Joy’s excellent photos of Red Admiral butterflies topping up on nectar from Ivy flowers suggested that Ivy, which is just now coming into flower, would be a good topic for further exploration.

Ivy can present problems, as when it gets into the tops of trees and makes them more vulnerable to winter gales, and when it forms a continuous cover on the ground, excluding all other growth.

However, when growing on a south facing rock outcrop or tree trunk, receiving enough sunshine, it goes into flowering mode and from October to December these bushy growths will have an abundance of spiky yellow flowers.

This is a time of year when most of the flowers have finished for the year and many of the insects that make use of them have also gone into winter mode. But there are some that are still about that make good use of this very useful flower. As captured by Joy’s photos, Red Admiral butterflies, which have emerged after their caterpillars have spent a summer of feeding on our nettles, are a spectacular site on a warm sunny day feeding on Ivy along the Coastal Path.

The Red Admiral is a strong flying migratory species and spreads northward each spring, mainly from southern Europe, before laying eggs to make good use of summer nettle growth. The adults that then emerge in late summer delight us when visiting our late garden flowers. At the end of this period there is then a reverse migration and having sugar rich Ivy flowers to supply energy before the long flight back to Europe must give them a significant and important boost.

But is not just butterflies that make use of the flowers. Less welcome to most are the wasps that also tap this source of nectar, but there are other insects there that, while looking a bit like a wasp, have a very different lifestyle, and certainly do not sting. The larvae of the black and yellow, wasp mimicking, Syrphid hoverfly feed on aphids, so they are welcome visitors to gardens as well, and the flies seen at the moment are the last of several broods over the year.
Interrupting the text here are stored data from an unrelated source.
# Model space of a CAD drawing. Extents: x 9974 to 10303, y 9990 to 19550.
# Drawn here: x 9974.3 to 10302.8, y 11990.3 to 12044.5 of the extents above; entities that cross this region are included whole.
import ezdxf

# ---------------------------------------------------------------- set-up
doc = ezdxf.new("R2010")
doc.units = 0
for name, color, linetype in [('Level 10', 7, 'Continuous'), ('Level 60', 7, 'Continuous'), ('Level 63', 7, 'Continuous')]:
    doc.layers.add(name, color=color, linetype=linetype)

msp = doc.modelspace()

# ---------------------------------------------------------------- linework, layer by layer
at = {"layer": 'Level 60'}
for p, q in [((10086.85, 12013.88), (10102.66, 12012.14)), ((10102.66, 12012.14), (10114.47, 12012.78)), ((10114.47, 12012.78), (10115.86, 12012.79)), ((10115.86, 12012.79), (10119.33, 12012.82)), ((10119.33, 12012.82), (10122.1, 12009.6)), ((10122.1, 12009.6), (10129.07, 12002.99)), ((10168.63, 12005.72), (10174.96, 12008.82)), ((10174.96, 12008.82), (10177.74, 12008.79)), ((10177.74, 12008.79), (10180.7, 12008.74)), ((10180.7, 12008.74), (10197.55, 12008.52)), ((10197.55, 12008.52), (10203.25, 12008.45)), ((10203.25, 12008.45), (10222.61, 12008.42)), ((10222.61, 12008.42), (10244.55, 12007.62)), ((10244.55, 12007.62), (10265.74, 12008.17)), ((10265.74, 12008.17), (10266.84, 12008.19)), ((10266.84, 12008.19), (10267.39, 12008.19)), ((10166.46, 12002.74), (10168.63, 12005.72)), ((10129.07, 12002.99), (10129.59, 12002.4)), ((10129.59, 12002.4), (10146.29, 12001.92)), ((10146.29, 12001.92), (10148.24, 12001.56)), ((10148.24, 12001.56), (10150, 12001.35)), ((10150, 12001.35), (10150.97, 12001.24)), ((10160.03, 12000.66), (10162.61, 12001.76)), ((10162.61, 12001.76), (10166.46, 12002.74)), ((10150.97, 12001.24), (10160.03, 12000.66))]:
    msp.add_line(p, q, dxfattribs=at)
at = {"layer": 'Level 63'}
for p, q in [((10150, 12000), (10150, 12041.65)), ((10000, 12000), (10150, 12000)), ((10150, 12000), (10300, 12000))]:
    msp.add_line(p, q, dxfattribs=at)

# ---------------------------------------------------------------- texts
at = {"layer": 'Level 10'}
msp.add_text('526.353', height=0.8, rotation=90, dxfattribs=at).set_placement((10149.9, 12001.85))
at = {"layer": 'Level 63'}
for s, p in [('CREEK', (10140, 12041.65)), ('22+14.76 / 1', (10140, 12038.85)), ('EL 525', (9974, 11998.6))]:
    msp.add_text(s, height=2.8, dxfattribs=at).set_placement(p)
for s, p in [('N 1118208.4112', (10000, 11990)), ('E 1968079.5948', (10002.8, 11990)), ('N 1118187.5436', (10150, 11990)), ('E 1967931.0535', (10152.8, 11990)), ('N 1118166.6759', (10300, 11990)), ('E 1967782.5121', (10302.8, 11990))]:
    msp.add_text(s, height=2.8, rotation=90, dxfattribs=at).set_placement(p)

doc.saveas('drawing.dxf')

More abundant at present are the brown Eristalid hoverflies, these look to be Eristalis pertinax the Tapered Drone Fly. They are said to mimic Honeybee drones, hence the name. Their larvae are not aphid eaters but live in organic rich water of drains and polluted pools where they feed on bacteria and decaying material and thus help to clean up organic pollution.

These are just some of the day flying insects visiting Ivy; at night moths will also be visiting. One of the insects disturbed as we collected the strimmed material from our wild flower patch was this small moth, The Chestnut (Conistra vaccinii) a late emerging species that a Fife moth expert, George Guthrie, kindly identified. As well as feeding on the sugars of overripe blackberries, it is also a visitor to Ivy blossoms.

So, while Ivy may be cleared from some areas where it is less welcome in the overall balance of our woodlands, it is important to make sure that we leave some of this important species to flower in the autumn sunshine.